This morning our MBA class from BI attended a presentation at Fudon University given by Professor Peng Xizhe called "The population factor: How China benefits from and controls its human capital. Consequences of the one child policy." Professor Peng outlined some fascinating insights into the Chinese population explosion, and the various controls the PRC are trying to put in place in order to manage it effectively.
At the forefront of concerns is the consumption habit of citizens in cities like Shangahi: for every family of one child in the city, for example, the consumption is equal to a rural family of seven children. When you place this startling consumption pattern beside the demographic that there are 542 million Chinese living in urban conditions (41.76%) of the population, and that is only growing, ecological resources become a key issue for consideration. Indeed, China is currently overproducing against its ecological resources by about 42% - in other words, there's a growing deficit of biological materials to feed the developing population. From this aspect, the value of raw commodities looks perhaps permanantly to have been raised at at the very least a benchmark level (commodity prices are probably overpriced though as some of the current value is undoubtedly created by fearful expectations of this shortage reflected in speculation).
Professor Peng aslo made some revealing clarifications about the widening male-female divide in the Chinese population. Wheras the average birth ratio of males/females in most developed countries
is around 106 males/100 females, in 1990 in China the figure was 111.42 males/100 females by the turn of the milennium it had risen to 119.92/100 males. Most of this was created, he conceded by "pre-birth selective abortion, particularly in rural areas. However, the Chinese government has passed rigid laws to punish doctors who use ultra-sound machines used to determine the sex of the child." Naturally too, the issue of sex education is difficult in a society where conservative values are still the norm, and the government has struggled in the dilemma of whether to provide contraception to young girls - particularly in urban areas, where marriage tends to take place now in the late twenties.
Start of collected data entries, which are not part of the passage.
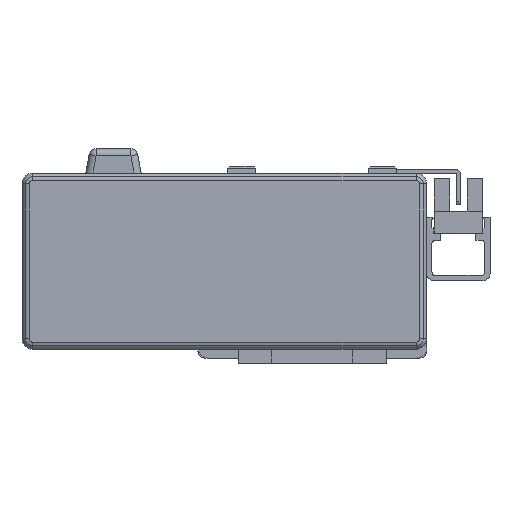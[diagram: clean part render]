
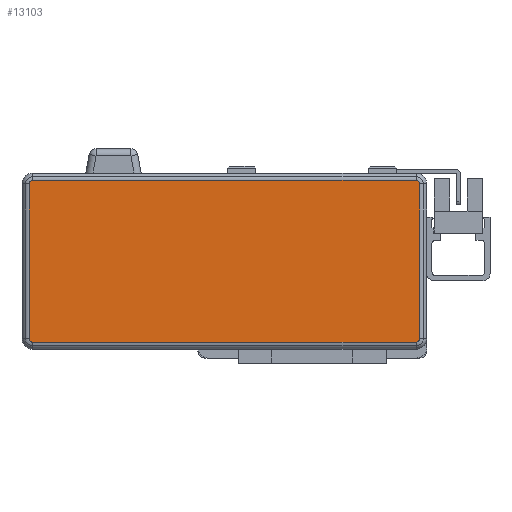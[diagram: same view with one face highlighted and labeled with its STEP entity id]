
A CAD part, left-side view. The second image highlights one B-rep face of the part: STEP entity #13103.
In plain terms, the highlighted planar face has unit normal (-1, 0, 0) as drawn and (0, 0, 1) by its records, which use the part's own axes.
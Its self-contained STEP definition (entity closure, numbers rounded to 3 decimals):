
#432 = CARTESIAN_POINT ( 'NONE',  ( 55.5, 22., 40. ) ) ;
#883 = DIRECTION ( 'NONE',  ( -1., 0., 0. ) ) ;
#936 = DIRECTION ( 'NONE',  ( 0., 0., 1. ) ) ;
#972 = CARTESIAN_POINT ( 'NONE',  ( -54.5, -22., 40. ) ) ;
#1116 = FACE_OUTER_BOUND ( 'NONE', #10219, .T. ) ;
#2233 = DIRECTION ( 'NONE',  ( -1., 0., 0. ) ) ;
#2442 = DIRECTION ( 'NONE',  ( 0., 0., 1. ) ) ;
#2478 = CARTESIAN_POINT ( 'NONE',  ( -54.5, 22., 40. ) ) ;
#2537 = CARTESIAN_POINT ( 'NONE',  ( -55.5, 0., 40. ) ) ;
#2581 = PLANE ( 'NONE',  #9627 ) ;
#3307 = DIRECTION ( 'NONE',  ( 0., -1., 0. ) ) ;
#3634 = EDGE_CURVE ( 'NONE', #25621, #22037, #12514, .T. ) ;
#3711 = EDGE_CURVE ( 'NONE', #22037, #23179, #11989, .T. ) ;
#3786 = EDGE_CURVE ( 'NONE', #23179, #4769, #11739, .T. ) ;
#3824 = EDGE_CURVE ( 'NONE', #4769, #23452, #11588, .T. ) ;
#3865 = EDGE_CURVE ( 'NONE', #23452, #11887, #11562, .T. ) ;
#3937 = EDGE_CURVE ( 'NONE', #11887, #5288, #11145, .T. ) ;
#3942 = EDGE_CURVE ( 'NONE', #5288, #10432, #11174, .T. ) ;
#3976 = EDGE_CURVE ( 'NONE', #10432, #25621, #11010, .T. ) ;
#4769 = VERTEX_POINT ( 'NONE', #432 ) ;
#5217 = DIRECTION ( 'NONE',  ( -1., 0., 0. ) ) ;
#5288 = VERTEX_POINT ( 'NONE', #19944 ) ;
#5314 = CARTESIAN_POINT ( 'NONE',  ( 0., 23., 40. ) ) ;
#6242 = DIRECTION ( 'NONE',  ( -1., 0., 0. ) ) ;
#6294 = DIRECTION ( 'NONE',  ( 0., 0., 1. ) ) ;
#6340 = CARTESIAN_POINT ( 'NONE',  ( 54.5, 22., 40. ) ) ;
#6873 = DIRECTION ( 'NONE',  ( 0., 0., -1. ) ) ;
#7709 = CARTESIAN_POINT ( 'NONE',  ( 55.5, 0., 40. ) ) ;
#7933 = CARTESIAN_POINT ( 'NONE',  ( -54.5, -23., 40. ) ) ;
#8640 = DIRECTION ( 'NONE',  ( 0., 1., 0. ) ) ;
#8848 = DIRECTION ( 'NONE',  ( -1., 0., 0. ) ) ;
#8969 = DIRECTION ( 'NONE',  ( 0., 0., 1. ) ) ;
#8976 = CARTESIAN_POINT ( 'NONE',  ( 0., 0., 40. ) ) ;
#9117 = CARTESIAN_POINT ( 'NONE',  ( 54.5, -22., 40. ) ) ;
#9627 = AXIS2_PLACEMENT_3D ( 'NONE', #8976, #6873, #21838 ) ;
#10219 = EDGE_LOOP ( 'NONE', ( #10633, #10637, #10871, #10918, #11081, #11135, #11378, #11416 ) ) ;
#10432 = VERTEX_POINT ( 'NONE', #13459 ) ;
#10633 = ORIENTED_EDGE ( 'NONE', *, *, #3634, .T. ) ;
#10637 = ORIENTED_EDGE ( 'NONE', *, *, #3711, .T. ) ;
#10871 = ORIENTED_EDGE ( 'NONE', *, *, #3786, .T. ) ;
#10918 = ORIENTED_EDGE ( 'NONE', *, *, #3824, .T. ) ;
#11010 = CIRCLE ( 'NONE', #25963, 1. ) ;
#11062 = VECTOR ( 'NONE', #3307, 1000. ) ;
#11081 = ORIENTED_EDGE ( 'NONE', *, *, #3865, .T. ) ;
#11123 = CARTESIAN_POINT ( 'NONE',  ( -54.5, 23., 40. ) ) ;
#11135 = ORIENTED_EDGE ( 'NONE', *, *, #3937, .T. ) ;
#11145 = CIRCLE ( 'NONE', #26087, 1. ) ;
#11174 = LINE ( 'NONE', #2537, #11062 ) ;
#11375 = VECTOR ( 'NONE', #5217, 1000. ) ;
#11378 = ORIENTED_EDGE ( 'NONE', *, *, #3942, .T. ) ;
#11416 = ORIENTED_EDGE ( 'NONE', *, *, #3976, .T. ) ;
#11562 = LINE ( 'NONE', #5314, #11375 ) ;
#11588 = CIRCLE ( 'NONE', #26382, 1. ) ;
#11709 = VECTOR ( 'NONE', #8640, 1000. ) ;
#11719 = CARTESIAN_POINT ( 'NONE',  ( 0., -23., 40. ) ) ;
#11739 = LINE ( 'NONE', #7709, #11709 ) ;
#11887 = VERTEX_POINT ( 'NONE', #11123 ) ;
#11989 = CIRCLE ( 'NONE', #26536, 1. ) ;
#12273 = DIRECTION ( 'NONE',  ( 1., 0., 0. ) ) ;
#12278 = CARTESIAN_POINT ( 'NONE',  ( 54.5, -23., 40. ) ) ;
#12304 = VECTOR ( 'NONE', #12273, 1000. ) ;
#12514 = LINE ( 'NONE', #11719, #12304 ) ;
#13103 = ADVANCED_FACE ( 'NONE', ( #1116 ), #2581, .F. ) ;
#13459 = CARTESIAN_POINT ( 'NONE',  ( -55.5, -22., 40. ) ) ;
#19944 = CARTESIAN_POINT ( 'NONE',  ( -55.5, 22., 40. ) ) ;
#21719 = CARTESIAN_POINT ( 'NONE',  ( 54.5, 23., 40. ) ) ;
#21838 = DIRECTION ( 'NONE',  ( -1., 0., 0. ) ) ;
#22037 = VERTEX_POINT ( 'NONE', #12278 ) ;
#22758 = CARTESIAN_POINT ( 'NONE',  ( 55.5, -22., 40. ) ) ;
#23179 = VERTEX_POINT ( 'NONE', #22758 ) ;
#23452 = VERTEX_POINT ( 'NONE', #21719 ) ;
#25621 = VERTEX_POINT ( 'NONE', #7933 ) ;
#25963 = AXIS2_PLACEMENT_3D ( 'NONE', #972, #936, #883 ) ;
#26087 = AXIS2_PLACEMENT_3D ( 'NONE', #2478, #2442, #2233 ) ;
#26382 = AXIS2_PLACEMENT_3D ( 'NONE', #6340, #6294, #6242 ) ;
#26536 = AXIS2_PLACEMENT_3D ( 'NONE', #9117, #8969, #8848 ) ;

The one child policy is not as universal across China as some might suppose either: in fact, there are five current policies which are mostly regionally applied. The first is - most obviously - the one child policy, which is common in urban areas, as well as the rural provinces of Jingsu and Sichuan. Most of western China is less developed than East China however, and here regional authorities tend to have a different set of priorities. The second and third policies are two child policies either if the first child is a girl, or if there is at least a four year space between children. The fourth is a 2 -3 child policy which is allowed where the minority in the countryside is of a minority autonomous region. And the last - no numerical regulation - is applied in Tibet, where China does not regulate the population growth as a result of criticism by native Tibetans of the shrinking ethinic population.
The most major concern however may not be the size of the population, which is now being kept under control (in 2030 India will surpass China in population size), but the extent of ageing in the population in China. Right now there are about 7 working-age people to every 1 retired person, but by 2030 this figure shrinks to 3 working-age people to every 1 person of retirement-age; by 2050, just 2 working-age people will support 1 elderly person. Here is the conundrum, because Chinese population growth will become less than or equal to zero (in line with developed countries) by 2030 - 2035, but by the same measure, this will reduce dramatically the number of people able to provide to state benefits systems, upon which many of those of my generation will rely.
A fascinating lecture: pictures following are of Fudan University and the conference.
A model of Fudan University: the large towers below are not represented since the model was consructed two years ago and the building has been erected since then!
The conference room:
Stig Inge Eikemo, Head of PR for BI, arrives with a winning smile.
Dean of the MBA programme at BI, Pål Korsvold (right) deep in coversation with another representative from Norway.
The outspoken Norwegian economist Arne Jon Isachsen (right) and professor of economics at BI reflects on statistics before the conference.